BEGIN

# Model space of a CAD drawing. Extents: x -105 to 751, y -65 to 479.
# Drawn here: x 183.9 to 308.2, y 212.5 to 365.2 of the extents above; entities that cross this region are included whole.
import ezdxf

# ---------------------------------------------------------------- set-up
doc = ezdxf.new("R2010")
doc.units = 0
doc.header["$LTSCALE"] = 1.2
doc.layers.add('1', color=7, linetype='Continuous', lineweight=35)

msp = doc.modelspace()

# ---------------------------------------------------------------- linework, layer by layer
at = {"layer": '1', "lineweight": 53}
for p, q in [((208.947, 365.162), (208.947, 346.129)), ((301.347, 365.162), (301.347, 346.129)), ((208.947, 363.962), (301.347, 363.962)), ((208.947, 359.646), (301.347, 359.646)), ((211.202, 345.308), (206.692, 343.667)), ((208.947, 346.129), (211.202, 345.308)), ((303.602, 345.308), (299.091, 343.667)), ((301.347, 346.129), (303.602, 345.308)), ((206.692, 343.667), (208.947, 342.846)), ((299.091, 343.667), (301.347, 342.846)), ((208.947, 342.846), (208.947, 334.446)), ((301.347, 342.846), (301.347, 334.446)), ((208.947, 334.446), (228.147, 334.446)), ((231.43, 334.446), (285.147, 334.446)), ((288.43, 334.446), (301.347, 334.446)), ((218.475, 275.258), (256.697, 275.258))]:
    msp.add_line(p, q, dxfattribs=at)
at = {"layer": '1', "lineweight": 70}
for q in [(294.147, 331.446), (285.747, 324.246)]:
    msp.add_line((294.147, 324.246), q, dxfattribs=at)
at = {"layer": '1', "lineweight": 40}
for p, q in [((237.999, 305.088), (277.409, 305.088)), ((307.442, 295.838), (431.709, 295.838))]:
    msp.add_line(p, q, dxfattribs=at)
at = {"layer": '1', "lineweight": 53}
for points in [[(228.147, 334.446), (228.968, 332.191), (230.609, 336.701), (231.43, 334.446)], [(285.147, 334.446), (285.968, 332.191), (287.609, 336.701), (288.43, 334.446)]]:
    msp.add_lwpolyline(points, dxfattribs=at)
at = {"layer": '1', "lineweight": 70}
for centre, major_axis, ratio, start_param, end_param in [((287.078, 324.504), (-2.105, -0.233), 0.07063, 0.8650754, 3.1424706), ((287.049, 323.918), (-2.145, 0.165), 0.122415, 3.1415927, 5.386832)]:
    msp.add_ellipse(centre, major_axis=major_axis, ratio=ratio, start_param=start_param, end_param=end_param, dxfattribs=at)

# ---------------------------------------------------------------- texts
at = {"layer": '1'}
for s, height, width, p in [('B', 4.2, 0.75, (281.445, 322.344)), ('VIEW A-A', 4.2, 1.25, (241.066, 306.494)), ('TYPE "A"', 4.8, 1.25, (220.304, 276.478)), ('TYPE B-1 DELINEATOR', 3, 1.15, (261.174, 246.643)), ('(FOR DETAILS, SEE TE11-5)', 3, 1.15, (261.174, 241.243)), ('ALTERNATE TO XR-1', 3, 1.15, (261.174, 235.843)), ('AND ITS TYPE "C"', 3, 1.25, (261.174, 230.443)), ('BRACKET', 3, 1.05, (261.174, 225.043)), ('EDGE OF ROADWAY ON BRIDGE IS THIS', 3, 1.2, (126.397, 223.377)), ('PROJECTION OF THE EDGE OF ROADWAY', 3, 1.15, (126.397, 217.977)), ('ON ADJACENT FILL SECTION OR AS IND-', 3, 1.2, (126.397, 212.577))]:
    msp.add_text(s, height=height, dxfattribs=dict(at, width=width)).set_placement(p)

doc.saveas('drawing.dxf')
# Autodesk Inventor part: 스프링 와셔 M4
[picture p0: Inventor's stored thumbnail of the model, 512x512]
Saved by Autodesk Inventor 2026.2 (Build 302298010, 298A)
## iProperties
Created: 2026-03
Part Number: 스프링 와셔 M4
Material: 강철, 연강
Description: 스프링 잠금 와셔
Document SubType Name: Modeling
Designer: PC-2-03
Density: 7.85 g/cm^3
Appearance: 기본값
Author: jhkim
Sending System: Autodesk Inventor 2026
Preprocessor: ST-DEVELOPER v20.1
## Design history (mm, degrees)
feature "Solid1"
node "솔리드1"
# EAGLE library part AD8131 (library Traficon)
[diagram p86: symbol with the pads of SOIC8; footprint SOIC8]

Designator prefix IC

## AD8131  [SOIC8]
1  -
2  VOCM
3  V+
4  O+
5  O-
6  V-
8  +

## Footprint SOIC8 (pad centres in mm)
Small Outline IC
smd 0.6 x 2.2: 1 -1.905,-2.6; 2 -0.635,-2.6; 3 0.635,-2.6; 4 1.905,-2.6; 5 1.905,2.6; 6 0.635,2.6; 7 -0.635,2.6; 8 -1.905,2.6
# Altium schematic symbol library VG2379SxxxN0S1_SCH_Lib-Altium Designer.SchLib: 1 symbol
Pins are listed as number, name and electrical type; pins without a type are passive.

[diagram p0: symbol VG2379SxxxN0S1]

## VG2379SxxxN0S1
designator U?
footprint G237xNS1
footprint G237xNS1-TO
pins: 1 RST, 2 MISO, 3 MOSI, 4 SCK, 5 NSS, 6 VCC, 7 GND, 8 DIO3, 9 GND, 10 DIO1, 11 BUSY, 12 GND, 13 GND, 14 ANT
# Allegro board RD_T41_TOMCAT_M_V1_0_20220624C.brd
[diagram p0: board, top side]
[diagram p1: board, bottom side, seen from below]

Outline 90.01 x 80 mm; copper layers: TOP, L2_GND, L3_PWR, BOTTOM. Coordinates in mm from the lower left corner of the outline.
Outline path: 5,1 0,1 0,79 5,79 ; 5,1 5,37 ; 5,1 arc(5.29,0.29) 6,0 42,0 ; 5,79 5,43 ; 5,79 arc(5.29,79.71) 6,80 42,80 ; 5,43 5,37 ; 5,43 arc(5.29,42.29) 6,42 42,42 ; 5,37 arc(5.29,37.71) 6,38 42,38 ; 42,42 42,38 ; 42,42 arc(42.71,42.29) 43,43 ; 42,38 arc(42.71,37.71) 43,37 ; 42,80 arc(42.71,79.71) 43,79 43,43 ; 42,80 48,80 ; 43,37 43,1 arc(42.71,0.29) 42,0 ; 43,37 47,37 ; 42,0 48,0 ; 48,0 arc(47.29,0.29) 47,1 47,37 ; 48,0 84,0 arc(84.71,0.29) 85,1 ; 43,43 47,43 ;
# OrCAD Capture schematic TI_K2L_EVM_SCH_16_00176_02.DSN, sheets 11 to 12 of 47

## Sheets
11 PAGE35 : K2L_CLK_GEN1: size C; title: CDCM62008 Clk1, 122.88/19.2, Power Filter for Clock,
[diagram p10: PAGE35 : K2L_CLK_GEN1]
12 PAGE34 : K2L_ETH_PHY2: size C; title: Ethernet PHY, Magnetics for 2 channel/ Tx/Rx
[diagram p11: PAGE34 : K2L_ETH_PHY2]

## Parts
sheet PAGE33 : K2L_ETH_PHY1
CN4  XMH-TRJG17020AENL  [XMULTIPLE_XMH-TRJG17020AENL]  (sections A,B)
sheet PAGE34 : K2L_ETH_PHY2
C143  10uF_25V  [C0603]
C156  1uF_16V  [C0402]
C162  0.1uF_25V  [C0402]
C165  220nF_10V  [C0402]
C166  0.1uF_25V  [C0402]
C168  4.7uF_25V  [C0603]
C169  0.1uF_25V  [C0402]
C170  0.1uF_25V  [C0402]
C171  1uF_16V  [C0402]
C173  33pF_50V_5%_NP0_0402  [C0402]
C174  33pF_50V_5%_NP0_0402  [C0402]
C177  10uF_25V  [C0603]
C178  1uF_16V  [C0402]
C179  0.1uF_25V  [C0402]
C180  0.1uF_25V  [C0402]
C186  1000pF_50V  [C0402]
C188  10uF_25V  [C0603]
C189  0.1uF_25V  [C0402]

END

◆ EXERCISE PROMPT
Give the exact lines, and only those, from the line containing "# EAGLE library" through the line containing "Pins are listed" in the entries above.

◆ SOLVED EXERCISE
# EAGLE library part AD8131 (library Traficon)
[diagram p86: symbol with the pads of SOIC8; footprint SOIC8]

Designator prefix IC

## AD8131  [SOIC8]
1  -
2  VOCM
3  V+
4  O+
5  O-
6  V-
8  +

## Footprint SOIC8 (pad centres in mm)
Small Outline IC
smd 0.6 x 2.2: 1 -1.905,-2.6; 2 -0.635,-2.6; 3 0.635,-2.6; 4 1.905,-2.6; 5 1.905,2.6; 6 0.635,2.6; 7 -0.635,2.6; 8 -1.905,2.6
# Altium schematic symbol library VG2379SxxxN0S1_SCH_Lib-Altium Designer.SchLib: 1 symbol
Pins are listed as number, name and electrical type; pins without a type are passive.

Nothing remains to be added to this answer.